There are two ways to perform conversion:

  • Specifying the output path with -o/--output flag
  • Specifying the output format with -f/--format flag

Specifying the output path with -o/--output flag

Conversion is performed as follows (the output file extension determines the output format):

sff convert file.sff -o file.hff

will result in an HDF5 file while

sff convert file.sff --output file.json

will be a JSON file.

Specifying the output format with -f/--format flag

The -f/–format options ensures that the output file will be in the same directory as the original segmentation file. The -f flag takes one of three values:

  • sff for XML files
  • hff for HDF5 files
  • json for JSON files.

Any other value raises an error.

sff convert file.sff -f hff
sff convert file.sff --format hff

The default format (if none is specified) is sff (XML).

sff convert file.hff

results in file.sff as output.

Verbose Operation

As with many Linux shell programs the -v/--verbose option prints status information on the terminal.

sff convert --verbose file.hff
Tue Sep 12 15:29:18 2017 Seting output file to file.sff
Tue Sep 12 15:29:18 2017 Converting from EMDB-SFF (HDF5) file file.hff
Tue Sep 12 15:30:03 2017 Created SFFSegmentation object
Tue Sep 12 15:30:03 2017 Exporting to file.sff
Tue Sep 12 15:30:07 2017 Done

Specify Details

The EMDB-SFF data model provides for an optional <details/> tag for auxilliary information.
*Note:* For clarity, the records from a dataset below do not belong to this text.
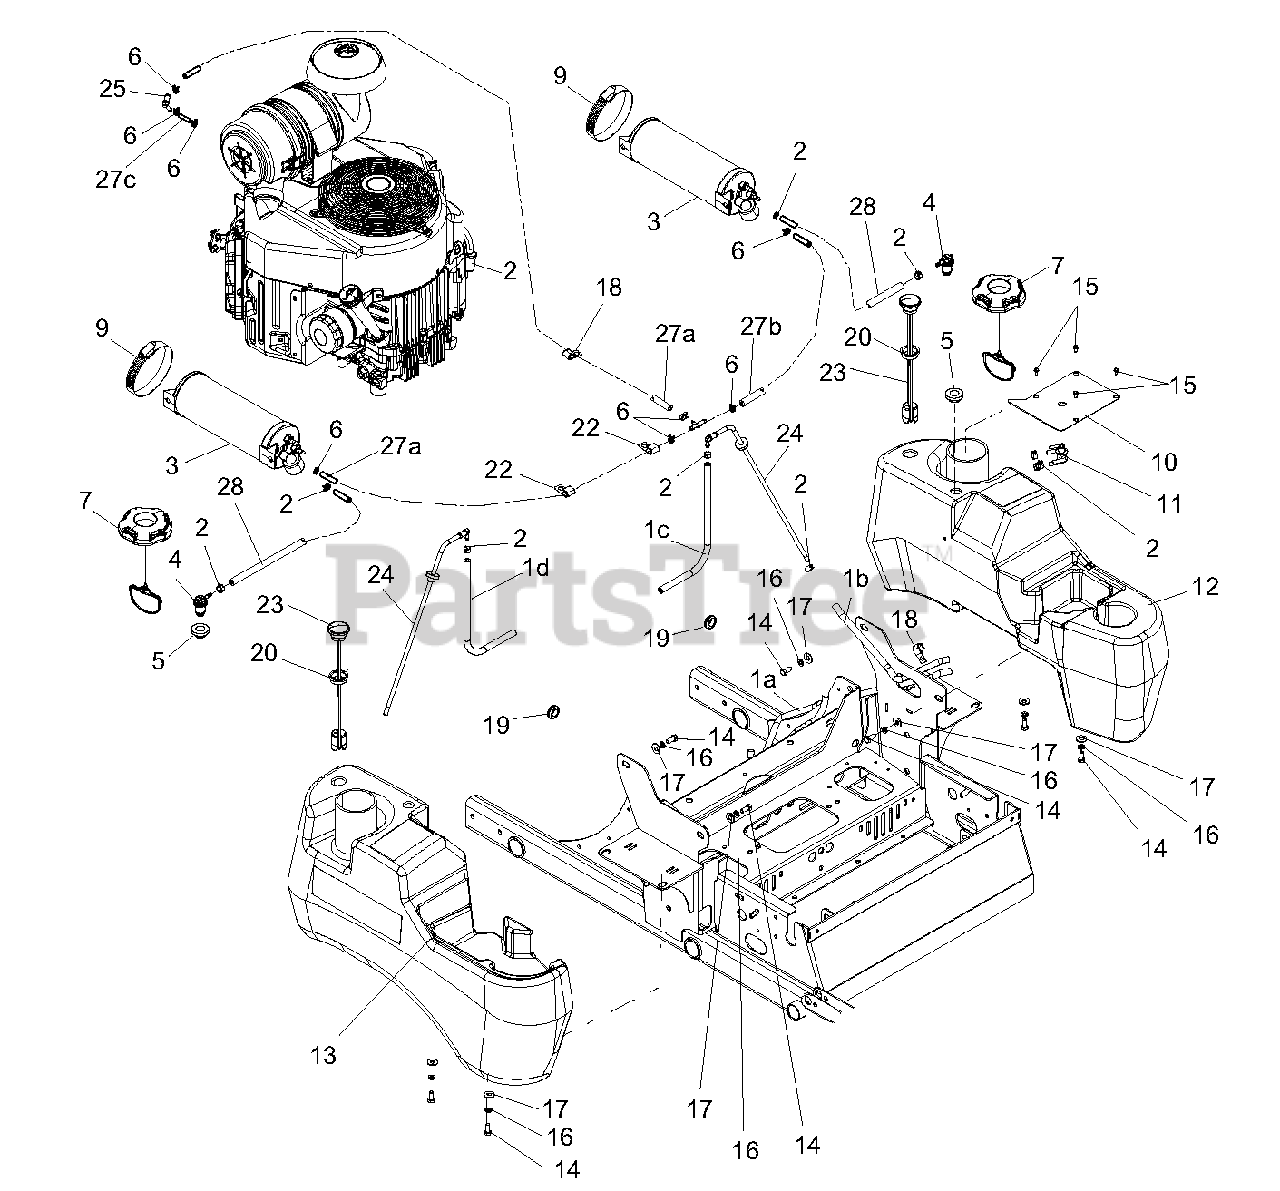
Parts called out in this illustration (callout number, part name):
2	CLAMP, FUEL LINE
3	CANISTER, CARBON 9.3G CAP
4	VALVE, COMBINATION
5	GROMMET, REMOTE VENT NITRILE
6	CLAMP - HOSE, SPRING .188
7	CAP, FUEL NONVENT AUTOLOCK
9	CLAMP - HOSE WORM 2.3/3.2 SS #44
10	PLATE, FUEL VALVE MOUNTING
11	VALVE, FUEL
12	TANK, LH LARGE FUEL (INCLUDES 20 & 23)
13	TANK, RH LARGE FUEL (INCLUDES 20 & 23)
14	BLT-HEX .31-18X.75 GR5 YWZC
15	SCR, HWH 10-24x.38 STAINLESS
16	WSHR-LK .31X.078 REG YWZC
17	WSHR-FL-STL.38X.875X.083 YWZC
19	GROMMET, RUBBER
20	GROMMET, FUEL GAGE
22	ROUTING CLIP (1/2" ID)
23	GUAGE, REMOTE FUEL, 12"
24	ASSEMBLY, LARGE TANK FUEL PICKUP
25	90 DEG 3/16" HOSE ELBOW
26	ASSM, VAPOR LINE (CARB) (Includes 6, 25, 27a, 27b 27c, and 28)
28	HOSE, .25 LOW-PERM BULK GAS

The contents of this option will be put into <details/>.

sff convert --details "Lorem ipsum dolor..." file.sff

Todo

Allow a user to pass a file whose contents will be inserted into <details/>.

Changing The Primary Descriptor

The EMDB-SFF data model provides for three possible geometrical descriptors: meshes (meshList), shape primitives (shapePrimitiveList) and 3D volumes (threeDVolume).

The mandatory <primary_descriptor/> field specifies the main geometrical descriptor to be used when performing conversions and other processing tasks. Only valid values are allowed; otherwise a ValueError is raised.